# 25 Worst College Mascots



## Chris

http://www.drivl.com/posts/view/738


----------



## Chris

Keggy the Keg > *


----------



## Metal Ken

Its not so much the pics that are funny, its the shit the guy says 




> It looks like an organic tampon, with "WUSHOCK!" being the exclamation you hear when someone shoves that thing up their hoonaner.


----------



## DelfinoPie

GAYLORD THE CAMEL!!!! 

[action=DelfinoPie]currently can't breathe through laughter.[/action]


----------



## Chris

The guy also gets fucking huge props for making a Last Dragon reference.


----------



## D-EJ915

lol that owl rules 


lmfao I can't stop laughing


----------



## Rick

Man, those are some stupid looking mascots.


----------



## Makelele

My elementary school had a huge sausage as a mascot.

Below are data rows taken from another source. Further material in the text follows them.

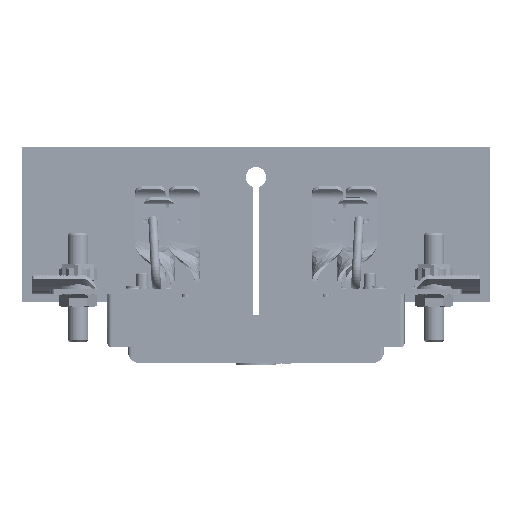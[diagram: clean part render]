
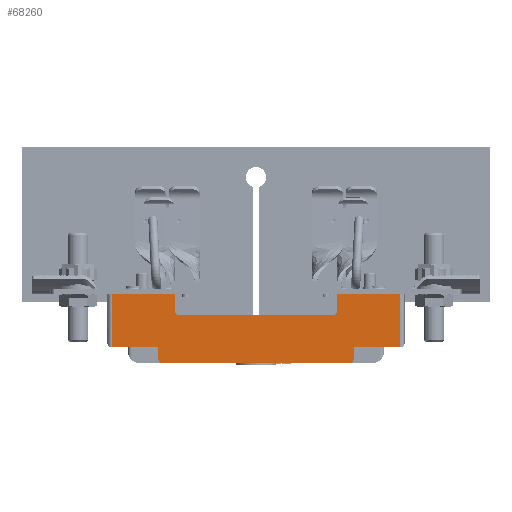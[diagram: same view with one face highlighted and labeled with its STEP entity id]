
A CAD part, left-side view. The second image highlights one B-rep face of the part: STEP entity #68260.
In plain terms, the highlighted planar face has unit normal (-1, 0, 0).
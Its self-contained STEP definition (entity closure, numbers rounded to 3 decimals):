
#569 = DIRECTION ( 'NONE',  ( 0., -1., 0. ) ) ;
#1779 = ORIENTED_EDGE ( 'NONE', *, *, #29269, .T. ) ;
#1979 = DIRECTION ( 'NONE',  ( -1., 0., 0. ) ) ;
#2095 = LINE ( 'NONE', #80307, #33996 ) ;
#2219 = CARTESIAN_POINT ( 'NONE',  ( -79., 48., 2. ) ) ;
#2255 = LINE ( 'NONE', #43474, #64981 ) ;
#4709 = DIRECTION ( 'NONE',  ( 0., 0.61, 0.793 ) ) ;
#5246 = EDGE_CURVE ( 'NONE', #38274, #59413, #2255, .T. ) ;
#6075 = CARTESIAN_POINT ( 'NONE',  ( -79., -71., 8. ) ) ;
#6695 = EDGE_CURVE ( 'NONE', #12936, #75277, #81984, .T. ) ;
#6901 = ORIENTED_EDGE ( 'NONE', *, *, #30747, .T. ) ;
#7049 = DIRECTION ( 'NONE',  ( 0., 1., 0. ) ) ;
#7331 = ORIENTED_EDGE ( 'NONE', *, *, #13936, .T. ) ;
#8439 = CARTESIAN_POINT ( 'NONE',  ( -79., -73., 8. ) ) ;
#8487 = DIRECTION ( 'NONE',  ( -1., 0., 0. ) ) ;
#9185 = ORIENTED_EDGE ( 'NONE', *, *, #6695, .T. ) ;
#12341 = CARTESIAN_POINT ( 'NONE',  ( -79., -38.846, 24. ) ) ;
#12936 = VERTEX_POINT ( 'NONE', #74488 ) ;
#13936 = EDGE_CURVE ( 'NONE', #84881, #24533, #31200, .T. ) ;
#14599 = LINE ( 'NONE', #54294, #52817 ) ;
#14861 = CARTESIAN_POINT ( 'NONE',  ( -79., 46., 0. ) ) ;
#14871 = ORIENTED_EDGE ( 'NONE', *, *, #86168, .T. ) ;
#15048 = DIRECTION ( 'NONE',  ( 0., 0., -1. ) ) ;
#15470 = CARTESIAN_POINT ( 'NONE',  ( -79., 40., 34. ) ) ;
#15835 = DIRECTION ( 'NONE',  ( 0., 1., 0. ) ) ;
#16181 = EDGE_CURVE ( 'NONE', #25002, #84881, #99611, .T. ) ;
#16747 = DIRECTION ( 'NONE',  ( 0., 1., 0. ) ) ;
#18052 = DIRECTION ( 'NONE',  ( 0., 0., -1. ) ) ;
#19697 = CARTESIAN_POINT ( 'NONE',  ( -79., 38.846, 24. ) ) ;
#20166 = CARTESIAN_POINT ( 'NONE',  ( -79., 40., 25.5 ) ) ;
#20670 = AXIS2_PLACEMENT_3D ( 'NONE', #41168, #1979, #56975 ) ;
#21315 = CARTESIAN_POINT ( 'NONE',  ( -79., 40., 25.5 ) ) ;
#21333 = VECTOR ( 'NONE', #50559, 1000. ) ;
#24533 = VERTEX_POINT ( 'NONE', #63570 ) ;
#24707 = DIRECTION ( 'NONE',  ( 0., 1., 0. ) ) ;
#25002 = VERTEX_POINT ( 'NONE', #88113 ) ;
#25062 = CARTESIAN_POINT ( 'NONE',  ( -79., -38.846, 24. ) ) ;
#26251 = LINE ( 'NONE', #61420, #95026 ) ;
#26933 = CARTESIAN_POINT ( 'NONE',  ( -79., 48., 0. ) ) ;
#27478 = ORIENTED_EDGE ( 'NONE', *, *, #72237, .T. ) ;
#28843 = CARTESIAN_POINT ( 'NONE',  ( -79., 59., 6. ) ) ;
#28850 = VECTOR ( 'NONE', #81096, 1000. ) ;
#29001 = VECTOR ( 'NONE', #97583, 1000. ) ;
#29092 = CIRCLE ( 'NONE', #20670, 2. ) ;
#29269 = EDGE_CURVE ( 'NONE', #75277, #83732, #58473, .T. ) ;
#30747 = EDGE_CURVE ( 'NONE', #24533, #55169, #26251, .T. ) ;
#31200 = LINE ( 'NONE', #79766, #21333 ) ;
#33996 = VECTOR ( 'NONE', #16747, 1000. ) ;
#34117 = VERTEX_POINT ( 'NONE', #12341 ) ;
#34501 = EDGE_CURVE ( 'NONE', #39991, #38274, #85896, .T. ) ;
#36316 = VECTOR ( 'NONE', #24707, 1000. ) ;
#38274 = VERTEX_POINT ( 'NONE', #21315 ) ;
#39991 = VERTEX_POINT ( 'NONE', #19697 ) ;
#40222 = ORIENTED_EDGE ( 'NONE', *, *, #101407, .T. ) ;
#41168 = CARTESIAN_POINT ( 'NONE',  ( -79., -46., 2. ) ) ;
#41596 = VERTEX_POINT ( 'NONE', #2219 ) ;
#43474 = CARTESIAN_POINT ( 'NONE',  ( -79., 40., 25.5 ) ) ;
#44055 = DIRECTION ( 'NONE',  ( 0., 0., -1. ) ) ;
#44074 = AXIS2_PLACEMENT_3D ( 'NONE', #28843, #59877, #44055 ) ;
#44765 = ORIENTED_EDGE ( 'NONE', *, *, #49674, .T. ) ;
#46903 = FACE_OUTER_BOUND ( 'NONE', #79449, .T. ) ;
#47430 = ORIENTED_EDGE ( 'NONE', *, *, #100921, .T. ) ;
#48355 = EDGE_CURVE ( 'NONE', #55169, #51255, #14599, .T. ) ;
#49674 = EDGE_CURVE ( 'NONE', #60696, #25002, #82070, .T. ) ;
#50559 = DIRECTION ( 'NONE',  ( 0., 0., 1. ) ) ;
#50565 = CARTESIAN_POINT ( 'NONE',  ( -79., -40., 25.5 ) ) ;
#50615 = CARTESIAN_POINT ( 'NONE',  ( -79., -48., 2. ) ) ;
#50878 = ORIENTED_EDGE ( 'NONE', *, *, #16181, .T. ) ;
#51234 = EDGE_CURVE ( 'NONE', #51255, #34117, #83188, .T. ) ;
#51255 = VERTEX_POINT ( 'NONE', #50565 ) ;
#52817 = VECTOR ( 'NONE', #15048, 1000. ) ;
#54294 = CARTESIAN_POINT ( 'NONE',  ( -79., -40., 25.5 ) ) ;
#54618 = CARTESIAN_POINT ( 'NONE',  ( -79., 46., 2. ) ) ;
#54856 = CARTESIAN_POINT ( 'NONE',  ( -79., 71., 8. ) ) ;
#55169 = VERTEX_POINT ( 'NONE', #62481 ) ;
#56098 = LINE ( 'NONE', #25062, #36316 ) ;
#56975 = DIRECTION ( 'NONE',  ( 0., 0., -1. ) ) ;
#58473 = LINE ( 'NONE', #96203, #28850 ) ;
#59413 = VERTEX_POINT ( 'NONE', #15470 ) ;
#59877 = DIRECTION ( 'NONE',  ( 1., 0., 0. ) ) ;
#59975 = LINE ( 'NONE', #62947, #101699 ) ;
#60696 = VERTEX_POINT ( 'NONE', #50615 ) ;
#61420 = CARTESIAN_POINT ( 'NONE',  ( -79., 59., 34. ) ) ;
#62481 = CARTESIAN_POINT ( 'NONE',  ( -79., -40., 34. ) ) ;
#62947 = CARTESIAN_POINT ( 'NONE',  ( -79., 59., 34. ) ) ;
#63570 = CARTESIAN_POINT ( 'NONE',  ( -79., -71., 34. ) ) ;
#64173 = ORIENTED_EDGE ( 'NONE', *, *, #69022, .T. ) ;
#64981 = VECTOR ( 'NONE', #82943, 1000. ) ;
#66543 = VECTOR ( 'NONE', #18052, 1000. ) ;
#68260 = ADVANCED_FACE ( 'NONE', ( #46903 ), #92054, .F. ) ;
#68687 = VECTOR ( 'NONE', #4709, 1000. ) ;
#68814 = VECTOR ( 'NONE', #569, 1000. ) ;
#69022 = EDGE_CURVE ( 'NONE', #83732, #41596, #87377, .T. ) ;
#71762 = AXIS2_PLACEMENT_3D ( 'NONE', #54618, #8487, #87154 ) ;
#72237 = EDGE_CURVE ( 'NONE', #34117, #39991, #56098, .T. ) ;
#74488 = CARTESIAN_POINT ( 'NONE',  ( -79., 71., 34. ) ) ;
#75277 = VERTEX_POINT ( 'NONE', #90232 ) ;
#75696 = CARTESIAN_POINT ( 'NONE',  ( -79., -46., 0. ) ) ;
#77715 = VERTEX_POINT ( 'NONE', #75696 ) ;
#79449 = EDGE_LOOP ( 'NONE', ( #84959, #14871, #44765, #50878, #7331, #6901, #87572, #80910, #27478, #89788, #82558, #47430, #9185, #1779, #64173, #40222 ) ) ;
#79766 = CARTESIAN_POINT ( 'NONE',  ( -79., -71., 34. ) ) ;
#80307 = CARTESIAN_POINT ( 'NONE',  ( -79., -63., 0. ) ) ;
#80801 = VECTOR ( 'NONE', #82922, 1000. ) ;
#80910 = ORIENTED_EDGE ( 'NONE', *, *, #51234, .T. ) ;
#81096 = DIRECTION ( 'NONE',  ( 0., -1., 0. ) ) ;
#81984 = LINE ( 'NONE', #54856, #88081 ) ;
#82070 = LINE ( 'NONE', #91783, #80801 ) ;
#82558 = ORIENTED_EDGE ( 'NONE', *, *, #5246, .T. ) ;
#82922 = DIRECTION ( 'NONE',  ( 0., 0., 1. ) ) ;
#82943 = DIRECTION ( 'NONE',  ( 0., 0., 1. ) ) ;
#83188 = LINE ( 'NONE', #97257, #29001 ) ;
#83732 = VERTEX_POINT ( 'NONE', #93382 ) ;
#84881 = VERTEX_POINT ( 'NONE', #6075 ) ;
#84959 = ORIENTED_EDGE ( 'NONE', *, *, #94337, .F. ) ;
#85896 = LINE ( 'NONE', #20166, #68687 ) ;
#86168 = EDGE_CURVE ( 'NONE', #77715, #60696, #29092, .T. ) ;
#87154 = DIRECTION ( 'NONE',  ( 0., 0., -1. ) ) ;
#87377 = LINE ( 'NONE', #26933, #66543 ) ;
#87572 = ORIENTED_EDGE ( 'NONE', *, *, #48355, .T. ) ;
#88081 = VECTOR ( 'NONE', #94950, 1000. ) ;
#88113 = CARTESIAN_POINT ( 'NONE',  ( -79., -48., 8. ) ) ;
#89788 = ORIENTED_EDGE ( 'NONE', *, *, #34501, .T. ) ;
#90232 = CARTESIAN_POINT ( 'NONE',  ( -79., 71., 8. ) ) ;
#90553 = CIRCLE ( 'NONE', #71762, 2. ) ;
#91783 = CARTESIAN_POINT ( 'NONE',  ( -79., -48., 0. ) ) ;
#92054 = PLANE ( 'NONE',  #44074 ) ;
#93382 = CARTESIAN_POINT ( 'NONE',  ( -79., 48., 8. ) ) ;
#94337 = EDGE_CURVE ( 'NONE', #77715, #100554, #2095, .T. ) ;
#94950 = DIRECTION ( 'NONE',  ( 0., 0., -1. ) ) ;
#95026 = VECTOR ( 'NONE', #7049, 1000. ) ;
#96203 = CARTESIAN_POINT ( 'NONE',  ( -79., 48., 8. ) ) ;
#97257 = CARTESIAN_POINT ( 'NONE',  ( -79., -38.846, 24. ) ) ;
#97583 = DIRECTION ( 'NONE',  ( 0., 0.61, -0.793 ) ) ;
#99611 = LINE ( 'NONE', #8439, #68814 ) ;
#100554 = VERTEX_POINT ( 'NONE', #14861 ) ;
#100921 = EDGE_CURVE ( 'NONE', #59413, #12936, #59975, .T. ) ;
#101407 = EDGE_CURVE ( 'NONE', #41596, #100554, #90553, .T. ) ;
#101699 = VECTOR ( 'NONE', #15835, 1000. ) ;

Don't ask me why.


----------



## Rick

According to wikipedia, this is Texas A&M's mascot. 

* Aggie (software), a news aggregator
* Aggie (marble), a type of marble made from or resembling agate
* The Adventures of Aggie, a sitcom broadcast in the US as Aggie

But walking around at their football games is this.






For an "explanation"scratch about this bitch, read this. 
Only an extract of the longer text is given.